Task objective: Below are lines of data; give the number of them that contain "ezdxf", and only that.

Records shown:
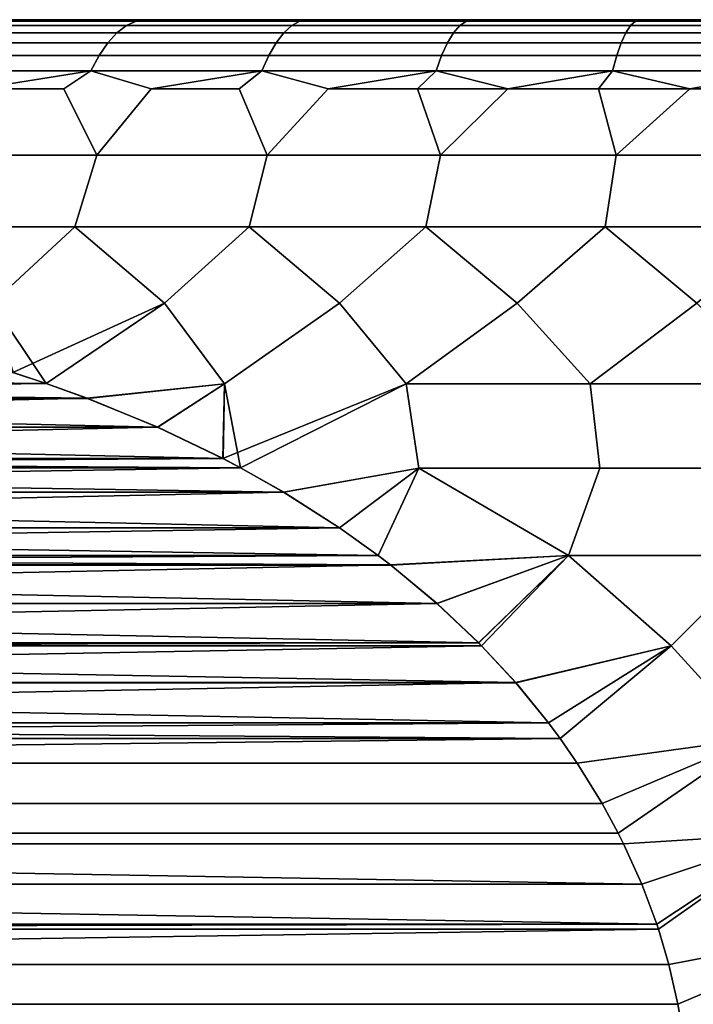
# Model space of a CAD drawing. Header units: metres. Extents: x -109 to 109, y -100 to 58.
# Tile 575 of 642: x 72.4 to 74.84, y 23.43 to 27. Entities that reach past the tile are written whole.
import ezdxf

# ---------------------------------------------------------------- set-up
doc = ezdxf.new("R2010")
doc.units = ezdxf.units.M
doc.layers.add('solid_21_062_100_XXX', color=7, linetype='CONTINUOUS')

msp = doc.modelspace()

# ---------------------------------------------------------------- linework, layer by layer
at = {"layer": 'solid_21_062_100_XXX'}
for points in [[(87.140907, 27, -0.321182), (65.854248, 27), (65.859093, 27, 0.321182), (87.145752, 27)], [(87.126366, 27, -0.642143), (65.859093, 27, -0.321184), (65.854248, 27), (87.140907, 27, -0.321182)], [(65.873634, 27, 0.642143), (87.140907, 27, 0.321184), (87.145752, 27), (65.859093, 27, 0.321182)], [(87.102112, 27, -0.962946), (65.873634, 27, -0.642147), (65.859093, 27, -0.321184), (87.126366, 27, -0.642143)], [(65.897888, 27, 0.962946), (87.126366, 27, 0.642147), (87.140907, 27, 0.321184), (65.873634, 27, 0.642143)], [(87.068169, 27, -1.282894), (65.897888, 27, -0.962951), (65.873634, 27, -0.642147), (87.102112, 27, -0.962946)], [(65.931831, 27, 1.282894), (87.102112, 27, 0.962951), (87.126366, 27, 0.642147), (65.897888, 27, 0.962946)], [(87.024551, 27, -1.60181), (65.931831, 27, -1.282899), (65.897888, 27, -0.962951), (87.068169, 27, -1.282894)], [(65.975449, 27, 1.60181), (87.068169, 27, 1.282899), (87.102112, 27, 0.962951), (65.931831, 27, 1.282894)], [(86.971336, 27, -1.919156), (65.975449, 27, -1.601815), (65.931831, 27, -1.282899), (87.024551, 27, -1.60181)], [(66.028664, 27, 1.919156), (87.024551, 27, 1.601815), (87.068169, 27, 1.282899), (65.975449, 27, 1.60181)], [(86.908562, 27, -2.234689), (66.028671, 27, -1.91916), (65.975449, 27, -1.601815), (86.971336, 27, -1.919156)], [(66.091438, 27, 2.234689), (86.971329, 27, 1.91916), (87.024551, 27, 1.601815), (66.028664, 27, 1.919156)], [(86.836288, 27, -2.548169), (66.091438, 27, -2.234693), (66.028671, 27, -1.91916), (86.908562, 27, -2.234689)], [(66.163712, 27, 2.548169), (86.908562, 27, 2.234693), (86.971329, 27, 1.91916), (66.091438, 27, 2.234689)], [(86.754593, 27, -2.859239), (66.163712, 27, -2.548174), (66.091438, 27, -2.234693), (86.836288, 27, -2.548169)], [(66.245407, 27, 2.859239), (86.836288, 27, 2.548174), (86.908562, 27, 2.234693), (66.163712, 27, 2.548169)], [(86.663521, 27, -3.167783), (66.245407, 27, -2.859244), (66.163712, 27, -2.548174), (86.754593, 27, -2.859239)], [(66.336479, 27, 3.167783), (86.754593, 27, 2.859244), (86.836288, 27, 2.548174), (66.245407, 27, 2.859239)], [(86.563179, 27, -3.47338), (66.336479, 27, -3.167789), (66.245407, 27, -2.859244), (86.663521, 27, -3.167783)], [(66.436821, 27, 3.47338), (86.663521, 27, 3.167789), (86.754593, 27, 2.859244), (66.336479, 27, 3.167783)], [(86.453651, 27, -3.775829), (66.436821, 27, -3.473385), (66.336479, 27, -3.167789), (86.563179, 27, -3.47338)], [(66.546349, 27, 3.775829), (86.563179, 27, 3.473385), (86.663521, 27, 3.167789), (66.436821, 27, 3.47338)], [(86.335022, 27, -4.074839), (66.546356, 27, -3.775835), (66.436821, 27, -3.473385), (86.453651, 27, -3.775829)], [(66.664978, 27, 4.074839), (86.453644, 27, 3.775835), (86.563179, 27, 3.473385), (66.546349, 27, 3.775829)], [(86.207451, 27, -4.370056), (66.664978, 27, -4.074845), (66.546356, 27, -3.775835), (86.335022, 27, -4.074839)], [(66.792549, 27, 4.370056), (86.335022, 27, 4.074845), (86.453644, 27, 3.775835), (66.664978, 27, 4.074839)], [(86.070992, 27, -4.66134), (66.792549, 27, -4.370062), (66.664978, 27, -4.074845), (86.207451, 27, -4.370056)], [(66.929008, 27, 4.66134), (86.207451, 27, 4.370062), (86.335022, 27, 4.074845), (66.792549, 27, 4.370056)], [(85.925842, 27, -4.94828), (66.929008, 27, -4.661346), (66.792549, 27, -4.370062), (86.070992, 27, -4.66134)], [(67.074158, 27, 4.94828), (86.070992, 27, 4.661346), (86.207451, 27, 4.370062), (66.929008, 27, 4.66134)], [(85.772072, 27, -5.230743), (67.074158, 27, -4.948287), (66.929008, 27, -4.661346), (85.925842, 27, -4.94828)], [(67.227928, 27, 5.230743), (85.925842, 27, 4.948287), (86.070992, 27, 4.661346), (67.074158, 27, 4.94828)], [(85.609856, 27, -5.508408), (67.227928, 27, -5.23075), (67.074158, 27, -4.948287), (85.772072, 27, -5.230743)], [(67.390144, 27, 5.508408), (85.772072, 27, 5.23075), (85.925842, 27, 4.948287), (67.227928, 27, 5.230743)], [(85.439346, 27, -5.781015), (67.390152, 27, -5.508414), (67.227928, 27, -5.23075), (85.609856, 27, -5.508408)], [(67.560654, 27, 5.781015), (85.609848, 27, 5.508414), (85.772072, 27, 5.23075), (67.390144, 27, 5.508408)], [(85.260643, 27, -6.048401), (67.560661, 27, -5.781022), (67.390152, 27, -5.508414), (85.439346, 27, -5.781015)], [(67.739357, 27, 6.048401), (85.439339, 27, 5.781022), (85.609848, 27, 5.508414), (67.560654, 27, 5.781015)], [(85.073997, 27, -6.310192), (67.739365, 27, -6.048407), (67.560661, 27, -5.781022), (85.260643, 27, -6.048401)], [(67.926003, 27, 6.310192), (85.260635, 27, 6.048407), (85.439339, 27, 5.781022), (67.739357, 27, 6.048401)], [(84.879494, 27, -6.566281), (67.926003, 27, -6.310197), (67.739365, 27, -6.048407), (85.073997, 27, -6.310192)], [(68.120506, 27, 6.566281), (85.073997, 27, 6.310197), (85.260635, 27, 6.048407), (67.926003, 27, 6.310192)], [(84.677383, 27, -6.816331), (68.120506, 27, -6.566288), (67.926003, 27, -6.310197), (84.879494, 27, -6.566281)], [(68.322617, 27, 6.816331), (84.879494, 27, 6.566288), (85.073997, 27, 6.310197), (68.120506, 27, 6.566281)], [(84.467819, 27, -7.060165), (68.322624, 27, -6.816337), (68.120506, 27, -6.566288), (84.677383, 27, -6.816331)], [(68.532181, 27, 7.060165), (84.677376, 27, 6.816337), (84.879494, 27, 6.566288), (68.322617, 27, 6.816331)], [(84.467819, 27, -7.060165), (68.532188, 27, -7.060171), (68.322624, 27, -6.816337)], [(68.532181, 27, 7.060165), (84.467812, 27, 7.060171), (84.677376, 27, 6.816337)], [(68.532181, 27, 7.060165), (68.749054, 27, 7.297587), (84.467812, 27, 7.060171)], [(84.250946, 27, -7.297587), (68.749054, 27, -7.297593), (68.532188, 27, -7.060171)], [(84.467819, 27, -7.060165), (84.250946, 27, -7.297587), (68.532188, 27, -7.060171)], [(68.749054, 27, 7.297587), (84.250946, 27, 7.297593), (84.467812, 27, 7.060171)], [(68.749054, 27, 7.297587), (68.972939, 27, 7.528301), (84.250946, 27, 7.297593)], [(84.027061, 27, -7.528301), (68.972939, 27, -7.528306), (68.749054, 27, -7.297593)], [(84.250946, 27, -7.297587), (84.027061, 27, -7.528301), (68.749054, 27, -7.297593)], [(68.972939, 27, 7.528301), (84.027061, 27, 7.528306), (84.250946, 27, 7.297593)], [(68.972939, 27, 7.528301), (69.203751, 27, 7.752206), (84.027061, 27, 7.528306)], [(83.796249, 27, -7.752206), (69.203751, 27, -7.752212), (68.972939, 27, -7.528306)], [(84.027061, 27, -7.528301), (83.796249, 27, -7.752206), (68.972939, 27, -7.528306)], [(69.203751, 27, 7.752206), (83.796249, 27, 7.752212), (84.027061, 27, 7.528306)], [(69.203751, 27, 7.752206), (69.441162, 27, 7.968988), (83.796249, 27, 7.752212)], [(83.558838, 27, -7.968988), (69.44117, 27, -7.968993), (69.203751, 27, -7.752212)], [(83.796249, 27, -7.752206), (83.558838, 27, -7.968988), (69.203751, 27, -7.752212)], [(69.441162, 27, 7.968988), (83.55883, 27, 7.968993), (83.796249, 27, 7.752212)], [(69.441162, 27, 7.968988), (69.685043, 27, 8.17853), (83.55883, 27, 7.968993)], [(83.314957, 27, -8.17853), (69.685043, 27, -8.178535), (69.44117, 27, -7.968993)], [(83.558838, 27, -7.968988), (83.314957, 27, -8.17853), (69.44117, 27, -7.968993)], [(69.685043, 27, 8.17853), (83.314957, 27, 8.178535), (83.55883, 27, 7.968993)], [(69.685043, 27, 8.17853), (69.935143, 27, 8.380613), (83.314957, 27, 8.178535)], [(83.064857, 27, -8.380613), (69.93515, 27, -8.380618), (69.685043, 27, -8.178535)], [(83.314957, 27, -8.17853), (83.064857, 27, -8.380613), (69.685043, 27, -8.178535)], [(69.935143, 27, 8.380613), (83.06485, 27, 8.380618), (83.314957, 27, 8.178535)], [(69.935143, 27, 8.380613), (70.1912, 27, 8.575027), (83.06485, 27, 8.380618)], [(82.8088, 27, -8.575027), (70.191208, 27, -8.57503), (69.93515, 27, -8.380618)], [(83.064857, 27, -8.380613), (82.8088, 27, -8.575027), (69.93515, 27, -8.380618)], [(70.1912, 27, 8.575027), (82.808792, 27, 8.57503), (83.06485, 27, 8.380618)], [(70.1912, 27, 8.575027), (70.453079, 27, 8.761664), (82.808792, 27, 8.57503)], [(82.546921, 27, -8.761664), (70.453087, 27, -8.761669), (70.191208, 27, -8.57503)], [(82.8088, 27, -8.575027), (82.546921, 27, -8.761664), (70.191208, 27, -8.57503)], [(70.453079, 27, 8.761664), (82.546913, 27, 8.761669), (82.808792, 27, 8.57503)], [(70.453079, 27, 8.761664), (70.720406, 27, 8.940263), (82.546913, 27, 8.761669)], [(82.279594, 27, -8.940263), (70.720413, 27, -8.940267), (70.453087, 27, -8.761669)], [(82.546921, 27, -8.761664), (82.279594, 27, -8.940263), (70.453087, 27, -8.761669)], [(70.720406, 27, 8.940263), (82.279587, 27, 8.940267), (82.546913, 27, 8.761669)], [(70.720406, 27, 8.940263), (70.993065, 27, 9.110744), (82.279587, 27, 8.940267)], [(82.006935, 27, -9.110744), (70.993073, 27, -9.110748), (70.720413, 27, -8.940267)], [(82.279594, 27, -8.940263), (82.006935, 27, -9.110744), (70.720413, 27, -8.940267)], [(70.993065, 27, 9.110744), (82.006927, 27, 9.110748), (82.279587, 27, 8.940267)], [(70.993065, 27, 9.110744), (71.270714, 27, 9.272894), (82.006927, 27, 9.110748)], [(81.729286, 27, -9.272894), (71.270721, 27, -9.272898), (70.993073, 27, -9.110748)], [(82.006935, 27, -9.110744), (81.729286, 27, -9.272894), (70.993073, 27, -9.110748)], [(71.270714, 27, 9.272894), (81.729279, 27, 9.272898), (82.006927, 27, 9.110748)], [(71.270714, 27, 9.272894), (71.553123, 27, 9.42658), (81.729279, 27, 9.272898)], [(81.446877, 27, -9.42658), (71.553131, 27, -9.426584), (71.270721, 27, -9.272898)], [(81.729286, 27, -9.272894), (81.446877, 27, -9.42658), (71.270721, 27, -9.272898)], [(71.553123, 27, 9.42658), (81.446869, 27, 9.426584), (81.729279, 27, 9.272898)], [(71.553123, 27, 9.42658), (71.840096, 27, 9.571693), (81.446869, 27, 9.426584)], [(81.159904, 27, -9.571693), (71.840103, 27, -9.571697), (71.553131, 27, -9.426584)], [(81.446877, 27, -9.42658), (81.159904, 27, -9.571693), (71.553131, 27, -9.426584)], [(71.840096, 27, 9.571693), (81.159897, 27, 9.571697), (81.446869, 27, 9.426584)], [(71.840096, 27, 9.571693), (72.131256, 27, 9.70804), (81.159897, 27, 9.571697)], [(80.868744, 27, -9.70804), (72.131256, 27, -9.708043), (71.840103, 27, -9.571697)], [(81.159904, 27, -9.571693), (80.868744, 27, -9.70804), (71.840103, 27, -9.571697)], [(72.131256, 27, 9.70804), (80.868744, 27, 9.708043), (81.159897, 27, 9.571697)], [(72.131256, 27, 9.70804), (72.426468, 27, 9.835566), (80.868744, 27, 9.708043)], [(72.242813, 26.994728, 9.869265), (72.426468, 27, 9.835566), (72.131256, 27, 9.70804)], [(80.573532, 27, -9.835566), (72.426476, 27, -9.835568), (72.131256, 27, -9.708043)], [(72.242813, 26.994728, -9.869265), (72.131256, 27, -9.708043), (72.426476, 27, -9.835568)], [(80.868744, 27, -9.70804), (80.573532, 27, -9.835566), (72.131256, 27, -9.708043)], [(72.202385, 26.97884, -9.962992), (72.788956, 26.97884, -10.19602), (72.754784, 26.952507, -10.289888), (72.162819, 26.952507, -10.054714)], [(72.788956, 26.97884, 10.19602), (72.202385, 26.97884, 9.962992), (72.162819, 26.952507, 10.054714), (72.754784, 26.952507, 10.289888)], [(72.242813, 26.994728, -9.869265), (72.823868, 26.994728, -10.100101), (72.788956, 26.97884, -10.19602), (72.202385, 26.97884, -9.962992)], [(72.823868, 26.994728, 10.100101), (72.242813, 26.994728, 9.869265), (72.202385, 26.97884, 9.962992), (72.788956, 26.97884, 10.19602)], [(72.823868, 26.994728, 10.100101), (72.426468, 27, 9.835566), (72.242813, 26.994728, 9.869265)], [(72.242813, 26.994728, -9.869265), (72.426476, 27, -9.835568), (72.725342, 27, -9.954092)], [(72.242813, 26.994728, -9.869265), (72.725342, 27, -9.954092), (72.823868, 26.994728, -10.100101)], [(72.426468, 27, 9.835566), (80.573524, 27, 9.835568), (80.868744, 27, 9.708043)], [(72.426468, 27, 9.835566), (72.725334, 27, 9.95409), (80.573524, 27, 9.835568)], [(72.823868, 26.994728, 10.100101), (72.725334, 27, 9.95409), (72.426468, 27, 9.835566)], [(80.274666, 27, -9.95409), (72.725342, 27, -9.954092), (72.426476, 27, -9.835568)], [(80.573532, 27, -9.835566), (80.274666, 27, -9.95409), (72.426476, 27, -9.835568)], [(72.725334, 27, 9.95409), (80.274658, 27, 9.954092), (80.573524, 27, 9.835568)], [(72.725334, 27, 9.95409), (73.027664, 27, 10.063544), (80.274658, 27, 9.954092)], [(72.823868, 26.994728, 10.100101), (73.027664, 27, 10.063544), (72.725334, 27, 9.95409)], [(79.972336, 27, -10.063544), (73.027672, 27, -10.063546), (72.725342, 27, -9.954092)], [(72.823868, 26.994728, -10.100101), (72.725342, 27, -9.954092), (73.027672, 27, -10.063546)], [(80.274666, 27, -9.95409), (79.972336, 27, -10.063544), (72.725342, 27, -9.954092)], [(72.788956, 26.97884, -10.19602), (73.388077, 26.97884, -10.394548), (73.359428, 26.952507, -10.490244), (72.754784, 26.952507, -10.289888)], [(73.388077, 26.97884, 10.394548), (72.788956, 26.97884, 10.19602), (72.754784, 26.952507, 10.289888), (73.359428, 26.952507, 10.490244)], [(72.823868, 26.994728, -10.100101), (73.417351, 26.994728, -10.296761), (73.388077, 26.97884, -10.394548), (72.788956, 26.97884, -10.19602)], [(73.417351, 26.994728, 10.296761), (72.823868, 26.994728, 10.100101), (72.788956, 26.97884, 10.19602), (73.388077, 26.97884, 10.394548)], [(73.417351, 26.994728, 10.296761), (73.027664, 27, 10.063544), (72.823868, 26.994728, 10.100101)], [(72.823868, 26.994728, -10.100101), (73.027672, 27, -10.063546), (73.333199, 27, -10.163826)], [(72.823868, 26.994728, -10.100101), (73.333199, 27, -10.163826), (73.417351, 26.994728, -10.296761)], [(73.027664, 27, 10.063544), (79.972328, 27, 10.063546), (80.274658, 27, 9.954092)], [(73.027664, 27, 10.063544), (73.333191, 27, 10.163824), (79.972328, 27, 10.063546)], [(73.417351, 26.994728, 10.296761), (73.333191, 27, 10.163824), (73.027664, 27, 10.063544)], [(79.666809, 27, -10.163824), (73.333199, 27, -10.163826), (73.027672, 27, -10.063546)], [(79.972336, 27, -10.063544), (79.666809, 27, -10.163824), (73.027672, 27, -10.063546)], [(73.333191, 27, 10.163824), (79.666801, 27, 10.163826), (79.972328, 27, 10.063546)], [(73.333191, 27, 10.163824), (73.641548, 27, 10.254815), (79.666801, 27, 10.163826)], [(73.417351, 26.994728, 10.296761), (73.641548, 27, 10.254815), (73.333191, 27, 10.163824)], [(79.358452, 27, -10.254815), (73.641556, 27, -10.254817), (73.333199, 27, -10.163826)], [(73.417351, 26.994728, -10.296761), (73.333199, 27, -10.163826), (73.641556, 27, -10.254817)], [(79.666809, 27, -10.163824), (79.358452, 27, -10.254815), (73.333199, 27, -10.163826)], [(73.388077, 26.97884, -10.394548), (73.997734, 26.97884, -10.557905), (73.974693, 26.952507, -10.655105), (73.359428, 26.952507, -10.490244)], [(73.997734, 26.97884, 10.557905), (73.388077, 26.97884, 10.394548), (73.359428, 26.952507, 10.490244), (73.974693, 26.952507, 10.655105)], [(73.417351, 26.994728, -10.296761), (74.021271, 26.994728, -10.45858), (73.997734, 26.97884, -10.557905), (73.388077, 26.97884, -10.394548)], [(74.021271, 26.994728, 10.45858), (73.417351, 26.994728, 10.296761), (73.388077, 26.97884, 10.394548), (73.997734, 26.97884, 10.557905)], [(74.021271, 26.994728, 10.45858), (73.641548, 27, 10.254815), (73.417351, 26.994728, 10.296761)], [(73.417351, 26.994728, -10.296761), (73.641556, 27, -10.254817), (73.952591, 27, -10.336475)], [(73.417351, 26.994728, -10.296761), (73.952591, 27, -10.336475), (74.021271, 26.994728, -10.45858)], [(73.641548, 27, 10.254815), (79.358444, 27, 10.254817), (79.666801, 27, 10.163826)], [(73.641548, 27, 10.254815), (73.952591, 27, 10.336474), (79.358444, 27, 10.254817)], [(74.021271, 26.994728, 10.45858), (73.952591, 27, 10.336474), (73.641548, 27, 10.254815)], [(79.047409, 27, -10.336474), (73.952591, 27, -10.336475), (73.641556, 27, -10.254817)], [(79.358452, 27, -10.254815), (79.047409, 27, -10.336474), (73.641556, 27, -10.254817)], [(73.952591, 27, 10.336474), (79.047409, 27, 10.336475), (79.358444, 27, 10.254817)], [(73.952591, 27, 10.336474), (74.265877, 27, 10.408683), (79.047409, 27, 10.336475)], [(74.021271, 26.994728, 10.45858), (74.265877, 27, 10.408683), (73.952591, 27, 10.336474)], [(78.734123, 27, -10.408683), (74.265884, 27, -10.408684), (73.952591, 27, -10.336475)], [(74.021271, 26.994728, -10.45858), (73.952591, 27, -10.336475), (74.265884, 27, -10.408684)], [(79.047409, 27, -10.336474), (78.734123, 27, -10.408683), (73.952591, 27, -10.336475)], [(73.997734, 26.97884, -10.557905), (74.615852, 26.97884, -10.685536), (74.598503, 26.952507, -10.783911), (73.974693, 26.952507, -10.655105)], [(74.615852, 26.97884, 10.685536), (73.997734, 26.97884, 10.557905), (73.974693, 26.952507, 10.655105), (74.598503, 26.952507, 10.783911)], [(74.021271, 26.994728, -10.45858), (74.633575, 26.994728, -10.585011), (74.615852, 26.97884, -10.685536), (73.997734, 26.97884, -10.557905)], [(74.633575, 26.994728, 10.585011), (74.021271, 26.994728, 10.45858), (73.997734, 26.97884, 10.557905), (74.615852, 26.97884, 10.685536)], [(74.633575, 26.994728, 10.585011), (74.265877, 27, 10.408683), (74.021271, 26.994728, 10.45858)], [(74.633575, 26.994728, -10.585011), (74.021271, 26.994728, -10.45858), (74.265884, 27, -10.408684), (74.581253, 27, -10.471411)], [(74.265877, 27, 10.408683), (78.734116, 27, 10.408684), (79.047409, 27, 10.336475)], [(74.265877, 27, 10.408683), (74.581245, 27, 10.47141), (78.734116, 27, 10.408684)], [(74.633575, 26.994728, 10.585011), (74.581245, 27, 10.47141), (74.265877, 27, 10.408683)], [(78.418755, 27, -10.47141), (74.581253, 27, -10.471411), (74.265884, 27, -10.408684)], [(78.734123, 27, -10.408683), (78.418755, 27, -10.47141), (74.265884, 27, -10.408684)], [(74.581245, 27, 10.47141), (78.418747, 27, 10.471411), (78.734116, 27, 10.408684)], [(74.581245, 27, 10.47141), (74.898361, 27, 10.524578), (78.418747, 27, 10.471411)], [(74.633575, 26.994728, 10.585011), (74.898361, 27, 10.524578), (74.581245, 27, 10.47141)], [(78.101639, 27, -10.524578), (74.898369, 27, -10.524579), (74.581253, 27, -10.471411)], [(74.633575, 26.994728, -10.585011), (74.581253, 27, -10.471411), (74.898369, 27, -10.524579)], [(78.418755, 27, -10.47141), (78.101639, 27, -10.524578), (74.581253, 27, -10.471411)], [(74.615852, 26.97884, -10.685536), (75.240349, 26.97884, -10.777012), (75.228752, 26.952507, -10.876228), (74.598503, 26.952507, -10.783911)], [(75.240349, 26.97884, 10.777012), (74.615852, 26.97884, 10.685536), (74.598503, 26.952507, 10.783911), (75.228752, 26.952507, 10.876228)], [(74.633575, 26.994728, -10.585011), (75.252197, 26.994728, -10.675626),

Completed exercise: 3